Das wollte ich gerade posten, aber ein Blick in den thread zeigte, dass es das bereits gibt.


----------



## mabuhay (17. Nov 2010)

Hallo

Brauchst du das denn einfach als Übung oder solls wirklich möglichst schnell sein? Wenn zweiteres zutriffst musst du erst mal (nachdem du ein wenig Java mit diversen operationen und schleifen etc geübt und getestet hast) recherchieren welche Operationen welchen in punkto Geschwindigkeit vorzuziehen sind... und dann irgendwelche benchmarks durchführen und mit der Math.pow() vergleichen.

mfg


----------



## Marco13 (18. Nov 2010)

KYL3R hat gesagt.:


> Was passt an :...nicht in deinen Rahmen ?
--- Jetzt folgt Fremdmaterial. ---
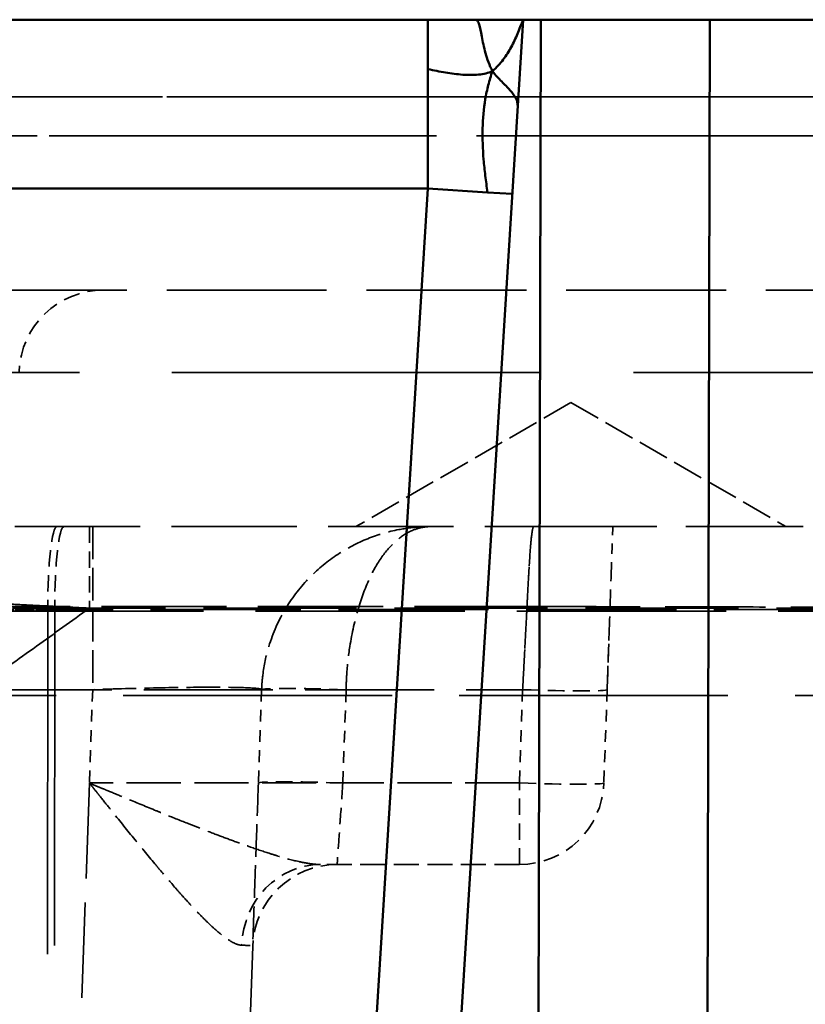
# Model space of a CAD drawing. Header units: millimetres. Extents: x 3367 to 6255, y 2001 to 4216.
# Tile 553 of 765: x 4954 to 4963, y 2698 to 2710. Entities that reach past the tile are written whole.
import ezdxf

# ---------------------------------------------------------------- set-up
doc = ezdxf.new("R2010")
doc.units = ezdxf.units.MM
doc.linetypes.add('DASHED', pattern=[0.2067, 0.1654, -0.0413])
for name, color, linetype, lineweight in [('Sichtbare Kanten(DIN)', 7, 'Continuous', 50), ('Sichtbare tangentiale Kanten(DIN)', 7, 'Continuous', 50), ('Verdeckte Kanten(DIN)', 7, 'DASHED', 35), ('Verdeckte tangentiale Kanten(DIN)', 7, 'DASHED', 35)]:
    doc.layers.add(name, color=color, linetype=linetype, lineweight=lineweight)

msp = doc.modelspace()

# ---------------------------------------------------------------- linework, layer by layer
at = {"layer": 'Sichtbare Kanten(DIN)'}
for p, q in [((4948.28963, 2709.68855), (4958.90481, 2709.68855)), ((4958.58767, 2686.37963), (4960.03053, 2709.68855)), ((4958.90481, 2709.68855), (4959.46767, 2709.68855)), ((4959.46767, 2709.68855), (4960.03053, 2709.68855)), ((4960.03053, 2709.68855), (4960.24037, 2709.68855)), ((4962.24038, 2709.68855), (4960.24037, 2709.68855)), ((4960.86086, 2101.684), (4962.24038, 2709.68855)), ((4962.24038, 2709.68855), (4967.24039, 2709.68855))]:
    msp.add_line(p, q, dxfattribs=at)
for points, knots in [([(4959.77743, 2708.95646), (4959.75967, 2708.97473), (4959.74159, 2708.99372), (4959.72323, 2709.01406), (4959.70504, 2709.0342), (4959.68657, 2709.05569), (4959.66847, 2709.07849)], [0.748753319, 0.748753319, 0.748753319, 0.748753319, 0.875005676, 0.875005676, 0.875005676, 1, 1, 1, 1]), ([(4959.96672, 2708.65766), (4959.96785, 2708.6759), (4959.9663, 2708.69356), (4959.96246, 2708.71051), (4959.95859, 2708.72754), (4959.95241, 2708.74386), (4959.94432, 2708.75984), (4959.92805, 2708.79197), (4959.90417, 2708.82272), (4959.8753, 2708.85484), (4959.84648, 2708.8869), (4959.81259, 2708.92028), (4959.77743, 2708.95646)], [0, 0, 0, 0, 0.123917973, 0.123917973, 0.123917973, 0.248422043, 0.248422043, 0.248422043, 0.498830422, 0.498830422, 0.498830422, 0.748753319, 0.748753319, 0.748753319, 0.748753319])]:
    msp.add_open_spline(points, degree=3, knots=knots, dxfattribs=at)
at = {"layer": 'Sichtbare tangentiale Kanten(DIN)'}
for p, q in [((4960.24037, 2709.68855), (4958.86086, 2101.68855)), ((4958.90481, 2709.10277), (4958.90481, 2709.68855)), ((4958.90481, 2707.68855), (4958.90481, 2709.10277)), ((4958.90481, 2707.68855), (4948.28963, 2707.68855)), ((4957.91438, 2691.68855), (4958.90481, 2707.68855)), ((4959.61057, 2707.64486), (4958.90481, 2707.68855)), ((4959.61057, 2707.64486), (4959.9029, 2707.62677))]:
    msp.add_line(p, q, dxfattribs=at)
for points, knots in [([(4959.66847, 2709.07849), (4959.65023, 2709.11368), (4959.63451, 2709.14985), (4959.62101, 2709.18563), (4959.60735, 2709.22182), (4959.59596, 2709.25764), (4959.58615, 2709.29273), (4959.56649, 2709.36299), (4959.55311, 2709.43032), (4959.54182, 2709.48922), (4959.53068, 2709.54734), (4959.52166, 2709.59739), (4959.51061, 2709.63287), (4959.50515, 2709.65042), (4959.49919, 2709.66436), (4959.49216, 2709.6739), (4959.48514, 2709.68343), (4959.47706, 2709.68855), (4959.46767, 2709.68855)], [0, 0, 0, 0, 0.12483572, 0.12483572, 0.12483572, 0.25108796, 0.25108796, 0.25108796, 0.50391074, 0.50391074, 0.50391074, 0.75333977, 0.75333977, 0.75333977, 0.87670225, 0.87670225, 0.87670225, 1, 1, 1, 1]), ([(4960.03053, 2709.68855), (4960.01958, 2709.66003), (4960.0086, 2709.63144), (4959.99764, 2709.60354), (4959.98661, 2709.57547), (4959.9756, 2709.5481), (4959.96427, 2709.52119), (4959.94147, 2709.46705), (4959.91741, 2709.41476), (4959.88999, 2709.36414), (4959.86253, 2709.31344), (4959.83172, 2709.26441), (4959.79546, 2709.21678), (4959.77741, 2709.19307), (4959.758, 2709.16972), (4959.73679, 2709.14654), (4959.71572, 2709.12353), (4959.69287, 2709.10068), (4959.66847, 2709.07849)], [0, 0, 0, 0, 0.1238382, 0.1238382, 0.1238382, 0.24851274, 0.24851274, 0.24851274, 0.4994172, 0.4994172, 0.4994172, 0.75071203, 0.75071203, 0.75071203, 0.87579102, 0.87579102, 0.87579102, 1, 1, 1, 1]), ([(4959.66847, 2709.07849), (4959.6437, 2709.06807), (4959.61748, 2709.05962), (4959.58961, 2709.05298), (4959.56236, 2709.0465), (4959.53355, 2709.04176), (4959.50399, 2709.03869), (4959.44386, 2709.03244), (4959.38065, 2709.033), (4959.31653, 2709.0376), (4959.25024, 2709.04237), (4959.18288, 2709.05153), (4959.11412, 2709.06304), (4959.07955, 2709.06882), (4959.04462, 2709.0752), (4959.00982, 2709.08188), (4958.9751, 2709.08854), (4958.94053, 2709.09549), (4958.90481, 2709.10277)], [0, 0, 0, 0, 0.1236117, 0.1236117, 0.1236117, 0.24450082, 0.24450082, 0.24450082, 0.49044727, 0.49044727, 0.49044727, 0.74467205, 0.74467205, 0.74467205, 0.87246478, 0.87246478, 0.87246478, 1, 1, 1, 1]), ([(4959.66847, 2709.07849), (4959.64964, 2709.02466), (4959.63315, 2708.96974), (4959.61909, 2708.91444), (4959.60501, 2708.85909), (4959.59336, 2708.80334), (4959.58392, 2708.74702), (4959.56494, 2708.63381), (4959.5548, 2708.51837), (4959.5519, 2708.40015), (4959.54899, 2708.28134), (4959.55343, 2708.1597), (4959.56369, 2708.03405), (4959.56882, 2707.97129), (4959.5754, 2707.90754), (4959.58329, 2707.84258), (4959.59115, 2707.77783), (4959.60032, 2707.71188), (4959.61057, 2707.64486)], [0, 0, 0, 0, 0.12419564, 0.12419564, 0.12419564, 0.24850589, 0.24850589, 0.24850589, 0.49840107, 0.49840107, 0.49840107, 0.74955199, 0.74955199, 0.74955199, 0.87497483, 0.87497483, 0.87497483, 1, 1, 1, 1])]:
    msp.add_open_spline(points, degree=3, knots=knots, dxfattribs=at)
msp.add_open_spline([(4959.93568, 2708.77571), (4959.93568, 2708.77571), (4959.93568, 2708.77571), (4959.93567, 2708.77571)], degree=3, dxfattribs=at)
at = {"layer": 'Verdeckte Kanten(DIN)', "ltscale": 11.42808}
msp.add_line((4951.09238, 2706.48855), (4966.09238, 2706.48855), dxfattribs=at)
at = {"layer": 'Verdeckte Kanten(DIN)', "ltscale": 2.237517}
for q in [(4958.05367, 2703.68855), (4963.14065, 2703.68855)]:
    msp.add_line((4960.59716, 2705.15704), q, dxfattribs=at)
at = {"layer": 'Verdeckte Kanten(DIN)', "ltscale": 8.966501}
msp.add_line((4948.45625, 2703.68855), (4960.22532, 2703.68855), dxfattribs=at)
at = {"layer": 'Verdeckte Kanten(DIN)', "ltscale": 0.842572}
for p, q in [((4956.93776, 2701.75835), (4956.89918, 2700.65365)), ((4961.02506, 2701.75835), (4960.98648, 2700.65365))]:
    msp.add_line(p, q, dxfattribs=at)
at = {"layer": 'Verdeckte Kanten(DIN)', "ltscale": 19.226486}
msp.add_line((4947.35167, 2701.68855), (4967.22224, 2701.68855), dxfattribs=at)
at = {"layer": 'Verdeckte Kanten(DIN)', "ltscale": 1.791817}
msp.add_line((4959.98709, 2699.68855), (4957.63512, 2699.68855), dxfattribs=at)
at = {"layer": 'Verdeckte Kanten(DIN)', "ltscale": 5.366172}
msp.add_line((4956.83178, 2698.72345), (4956.58611, 2691.68855), dxfattribs=at)
at = {"layer": 'Verdeckte Kanten(DIN)', "ltscale": 1.170062}
for centre, start, end in [((4955.06863, 2705.48855), 90, 178), ((4959.98709, 2700.68855), 270, 358), ((4957.83117, 2698.68855), 90, 178)]:
    msp.add_arc(centre, 1, start, end, dxfattribs=at)
at = {"layer": 'Verdeckte Kanten(DIN)', "ltscale": 1.183359}
for centre, ratio in [((4954.51686, 2702.68855), 0.11016635), ((4954.60003, 2702.68855), 0.11061242)]:
    msp.add_ellipse(centre, major_axis=(0, 1), ratio=ratio, start_param=0, end_param=1.55334303, dxfattribs=at)
at = {"layer": 'Verdeckte Kanten(DIN)', "ltscale": 2.483543}
msp.add_open_spline([(4956.93776, 2701.75835), (4956.93978, 2701.8162), (4956.95337, 2701.98941), (4957.02481, 2702.32635), (4957.20555, 2702.72836), (4957.49202, 2703.0957), (4957.82671, 2703.36953), (4958.18592, 2703.55614), (4958.51695, 2703.65275), (4958.76876, 2703.68459), (4958.89456, 2703.68855), (4958.93654, 2703.68855)], degree=3, knots=[0, 0, 0, 0, 0.05339122, 0.16017366, 0.31573658, 0.46413587, 0.60439764, 0.73896234, 0.87015749, 0.95671916, 1, 1, 1, 1], dxfattribs=at)
at = {"layer": 'Verdeckte Kanten(DIN)', "ltscale": 8.381594}
msp.add_open_spline([(4960.22532, 2703.68855), (4960.74888, 2703.68855), (4961.27224, 2703.68855), (4961.78261, 2703.68855), (4962.16537, 2703.68855), (4962.54105, 2703.68855), (4962.90382, 2703.68855), (4963.02477, 2703.68855), (4963.14428, 2703.68855), (4963.26221, 2703.68855), (4963.73389, 2703.68855), (4964.1798, 2703.68855), (4964.58916, 2703.68855), (4964.79385, 2703.68855), (4964.98942, 2703.68855), (4965.17451, 2703.68855), (4965.35961, 2703.68855), (4965.53422, 2703.68855), (4965.69738, 2703.68855), (4966.02369, 2703.68855), (4966.30421, 2703.68855), (4966.53137, 2703.68855), (4966.58817, 2703.68855), (4966.64163, 2703.68855), (4966.69166, 2703.68855), (4966.8417, 2703.68855), (4966.96085, 2703.68855), (4967.04814, 2703.68855), (4967.16452, 2703.68855), (4967.22451, 2703.68855), (4967.22451, 2703.68855)], degree=3, knots=[-10.69645045, -10.69645045, -10.69645045, -10.69645045, -9.12516178, -9.12516178, -9.12516178, -7.94674482, -7.94674482, -7.94674482, -7.55387311, -7.55387311, -7.55387311, -5.98258443, -5.98258443, -5.98258443, -5.19694284, -5.19694284, -5.19694284, -4.41129576, -4.41129576, -4.41129576, -2.84000708, -2.84000708, -2.84000708, -2.44713441, -2.44713441, -2.44713441, -1.26871841, -1.26871841, -1.26871841, 0.30257026, 0.30257026, 0.30257026, 0.30257026], dxfattribs=at)
at = {"layer": 'Verdeckte Kanten(DIN)', "ltscale": 0.284754}
msp.add_open_spline([(4961.09238, 2703.68855), (4961.08906, 2703.59749), (4961.08564, 2703.50076), (4961.08212, 2703.39964)], degree=3, dxfattribs=at)
at = {"layer": 'Verdeckte Kanten(DIN)', "ltscale": 1.340556}
msp.add_open_spline([(4961.02506, 2701.75835), (4961.0333, 2701.99505), (4961.04159, 2702.23067), (4961.04957, 2702.45881), (4961.05454, 2702.60072), (4961.05939, 2702.73983), (4961.06403, 2702.87442), (4961.06686, 2702.95621), (4961.06961, 2703.03633), (4961.07229, 2703.11452), (4961.07566, 2703.21285), (4961.07894, 2703.30809), (4961.08212, 2703.39964)], degree=3, knots=[-4.60972715, -4.60972715, -4.60972715, -4.60972715, -3.89887006, -3.89887006, -3.89887006, -3.45670518, -3.45670518, -3.45670518, -3.18801297, -3.18801297, -3.18801297, -2.85011425, -2.85011425, -2.85011425, -2.85011425], dxfattribs=at)
at = {"layer": 'Verdeckte Kanten(DIN)', "ltscale": 0.378823}
msp.add_open_spline([(4961.0489, 2702.43976), (4961.04331, 2702.28002), (4961.03756, 2702.1162), (4961.0318, 2701.95154)], degree=3, dxfattribs=at)
at = {"layer": 'Verdeckte Kanten(DIN)', "ltscale": 8.23407e-05}
msp.add_open_spline([(4961.04891, 2702.43999), (4961.04891, 2702.43991), (4961.04891, 2702.43984), (4961.0489, 2702.43976)], degree=3, dxfattribs=at)
at = {"layer": 'Verdeckte Kanten(DIN)', "ltscale": 0.043613}
msp.add_open_spline([(4961.0318, 2701.95154), (4961.03114, 2701.93251), (4961.03047, 2701.91348), (4961.02981, 2701.89443)], degree=3, dxfattribs=at)
at = {"layer": 'Verdeckte Kanten(DIN)', "ltscale": 2.340598}
msp.add_open_spline([(4956.89918, 2700.65365), (4956.89025, 2700.39789), (4956.88137, 2700.14356), (4956.87321, 2699.90998), (4956.86505, 2699.67629), (4956.8576, 2699.46291), (4956.85139, 2699.28506), (4956.84518, 2699.10722), (4956.84021, 2698.96509), (4956.83687, 2698.8693), (4956.83353, 2698.77355), (4956.83178, 2698.72352), (4956.83178, 2698.72345)], degree=3, knots=[-6.28288524, -6.28288524, -6.28288524, -6.28288524, -5.51514671, -5.51514671, -5.51514671, -4.74705795, -4.74705795, -4.74705795, -3.97900974, -3.97900974, -3.97900974, -3.21125246, -3.21125246, -3.21125246, -3.21125246], dxfattribs=at)
at = {"layer": 'Verdeckte tangentiale Kanten(DIN)', "ltscale": 11.42808}
for p, q in [((4951.09238, 2708.77571), (4966.09238, 2708.77571)), ((4966.09238, 2708.31424), (4951.09238, 2708.31424))]:
    msp.add_line(p, q, dxfattribs=at)
at = {"layer": 'Verdeckte tangentiale Kanten(DIN)', "ltscale": 26.421982}
msp.add_line((4895.80011, 2705.51424), (4973.22718, 2705.51424), dxfattribs=at)
at = {"layer": 'Verdeckte tangentiale Kanten(DIN)', "ltscale": 1.170043}
msp.add_line((4954.89965, 2703.68855), (4954.89965, 2702.72348), dxfattribs=at)
at = {"layer": 'Verdeckte tangentiale Kanten(DIN)', "ltscale": 2.340223}
msp.add_line((4954.93898, 2703.68855), (4954.93898, 2701.75835), dxfattribs=at)
at = {"layer": 'Verdeckte tangentiale Kanten(DIN)', "ltscale": 14.958927}
msp.add_line((4947.59011, 2702.68855), (4967.22451, 2702.68855), dxfattribs=at)
at = {"layer": 'Verdeckte tangentiale Kanten(DIN)', "ltscale": 8.954809}
msp.add_line((4960.22532, 2702.74089), (4948.4716, 2702.74089), dxfattribs=at)
at = {"layer": 'Verdeckte tangentiale Kanten(DIN)', "ltscale": 0.840386}
msp.add_line((4953.30521, 2702.706), (4954.40671, 2702.706), dxfattribs=at)
at = {"layer": 'Verdeckte tangentiale Kanten(DIN)', "ltscale": 0.8438}
msp.add_line((4954.48943, 2702.706), (4953.38348, 2702.706), dxfattribs=at)
at = {"layer": 'Verdeckte tangentiale Kanten(DIN)', "ltscale": 10.932113}
msp.add_line((4953.99046, 2702.72345), (4968.33948, 2702.72345), dxfattribs=at)
at = {"layer": 'Verdeckte tangentiale Kanten(DIN)', "ltscale": 24.648138}
msp.add_line((4954.40671, 2702.706), (4954.36986, 2664.50107), dxfattribs=at)
at = {"layer": 'Verdeckte tangentiale Kanten(DIN)', "ltscale": 24.039032}
msp.add_line((4954.48943, 2702.706), (4954.45335, 2665.44519), dxfattribs=at)
at = {"layer": 'Verdeckte tangentiale Kanten(DIN)', "ltscale": 10.746549}
msp.add_line((4968.50833, 2702.706), (4954.48943, 2702.706), dxfattribs=at)
at = {"layer": 'Verdeckte tangentiale Kanten(DIN)', "ltscale": 7.709019}
msp.add_line((4960.20239, 2692.63622), (4960.22532, 2702.74089), dxfattribs=at)
at = {"layer": 'Verdeckte tangentiale Kanten(DIN)', "ltscale": 9.223258}
msp.add_line((4947.9196, 2701.75835), (4960.02567, 2701.75835), dxfattribs=at)
at = {"layer": 'Verdeckte tangentiale Kanten(DIN)', "ltscale": 0.842572}
for p, q in [((4954.93898, 2701.75835), (4954.9004, 2700.65365)), ((4957.89857, 2700.65365), (4957.93715, 2701.75835)), ((4960.02567, 2701.75835), (4959.98709, 2700.65365))]:
    msp.add_line(p, q, dxfattribs=at)
at = {"layer": 'Verdeckte tangentiale Kanten(DIN)', "ltscale": 6.838543}
msp.add_line((4954.9004, 2700.65365), (4954.58733, 2691.68855), dxfattribs=at)
at = {"layer": 'Verdeckte tangentiale Kanten(DIN)', "ltscale": 3.875343}
msp.add_line((4959.98709, 2700.65365), (4954.9004, 2700.65365), dxfattribs=at)
at = {"layer": 'Verdeckte tangentiale Kanten(DIN)', "ltscale": 1.170062}
msp.add_line((4959.98709, 2699.68855), (4959.98709, 2700.65365), dxfattribs=at)
at = {"layer": 'Verdeckte tangentiale Kanten(DIN)', "ltscale": 1.156764}
msp.add_ellipse((4960.22532, 2702.68855), major_axis=(0, 1), ratio=0.00001, start_param=4.74658626, end_param=6.24691273, dxfattribs=at)
at = {"layer": 'Verdeckte tangentiale Kanten(DIN)', "ltscale": 1.195728}
for centre, major_axis in [((4957.93715, 2701.72345), (-0.99939, 0.0349)), ((4960.02567, 2701.79325), (0.99939, -0.0349)), ((4957.89857, 2700.61875), (-0.99939, 0.0349)), ((4959.98709, 2700.68855), (0.99939, -0.0349))]:
    msp.add_ellipse(centre, major_axis=major_axis, ratio=0.03487826, start_param=4.71360696, end_param=6.28318531, dxfattribs=at)
at = {"layer": 'Verdeckte tangentiale Kanten(DIN)', "ltscale": 1.162352}
msp.add_ellipse((4957.63512, 2698.68855), major_axis=(0, 1), ratio=0.9346361, start_param=0, end_param=1.52577054, dxfattribs=at)
at = {"layer": 'Verdeckte tangentiale Kanten(DIN)', "ltscale": 20.178045}
msp.add_open_spline([(4959.93567, 2708.77571), (4959.86357, 2708.77571), (4959.79111, 2708.77571), (4959.71829, 2708.77571), (4959.03463, 2708.77571), (4958.31936, 2708.77571), (4957.57345, 2708.77572), (4956.88223, 2708.77572), (4956.16469, 2708.77572), (4955.42181, 2708.77572), (4954.72049, 2708.77572), (4953.99652, 2708.77572), (4953.25073, 2708.77572), (4952.35405, 2708.77571), (4951.42585, 2708.77571), (4950.46744, 2708.77571), (4949.78429, 2708.77571), (4949.08589, 2708.77572), (4948.3727, 2708.77573), (4948.0053, 2708.77573), (4947.63397, 2708.77574), (4947.25881, 2708.77574)], degree=3, knots=[40.20902115, 40.20902115, 40.20902115, 40.20902115, 40.65043767, 40.65043767, 40.65043767, 44.79450486, 44.79450486, 44.79450486, 48.63474274, 48.63474274, 48.63474274, 52.2601252, 52.2601252, 52.2601252, 56.61904781, 56.61904781, 56.61904781, 59.72608111, 59.72608111, 59.72608111, 61.32668246, 61.32668246, 61.32668246, 61.32668246], dxfattribs=at)
at = {"layer": 'Verdeckte tangentiale Kanten(DIN)', "ltscale": 28.601412}
msp.add_open_spline([(4969.34147, 2708.77571), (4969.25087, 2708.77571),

Ob man bei 5^10000000 nun 10000000 Multiplikationen macht, oder grob log2(10000000) ist schon ein Unterschied


----------



## Andi_CH (18. Nov 2010)

Vanessa_X hat gesagt.:


> ich bin Java-Anfängerin - die Basics sind eigentlich vorhanden, nur das Umsetzen macht mir Probleme.
> Ich würde total gerne eine "richtige" Frage stellen, aber im Moment weiß ich noch nicht wie ich anfangen soll.
> 
> 
> ...



Dann sag ihm auch Exponent (Einbuchstabenvariablen sind ein Tabuthema (ok, ausser in for - schleifen)

Was soll der dritte Parameter?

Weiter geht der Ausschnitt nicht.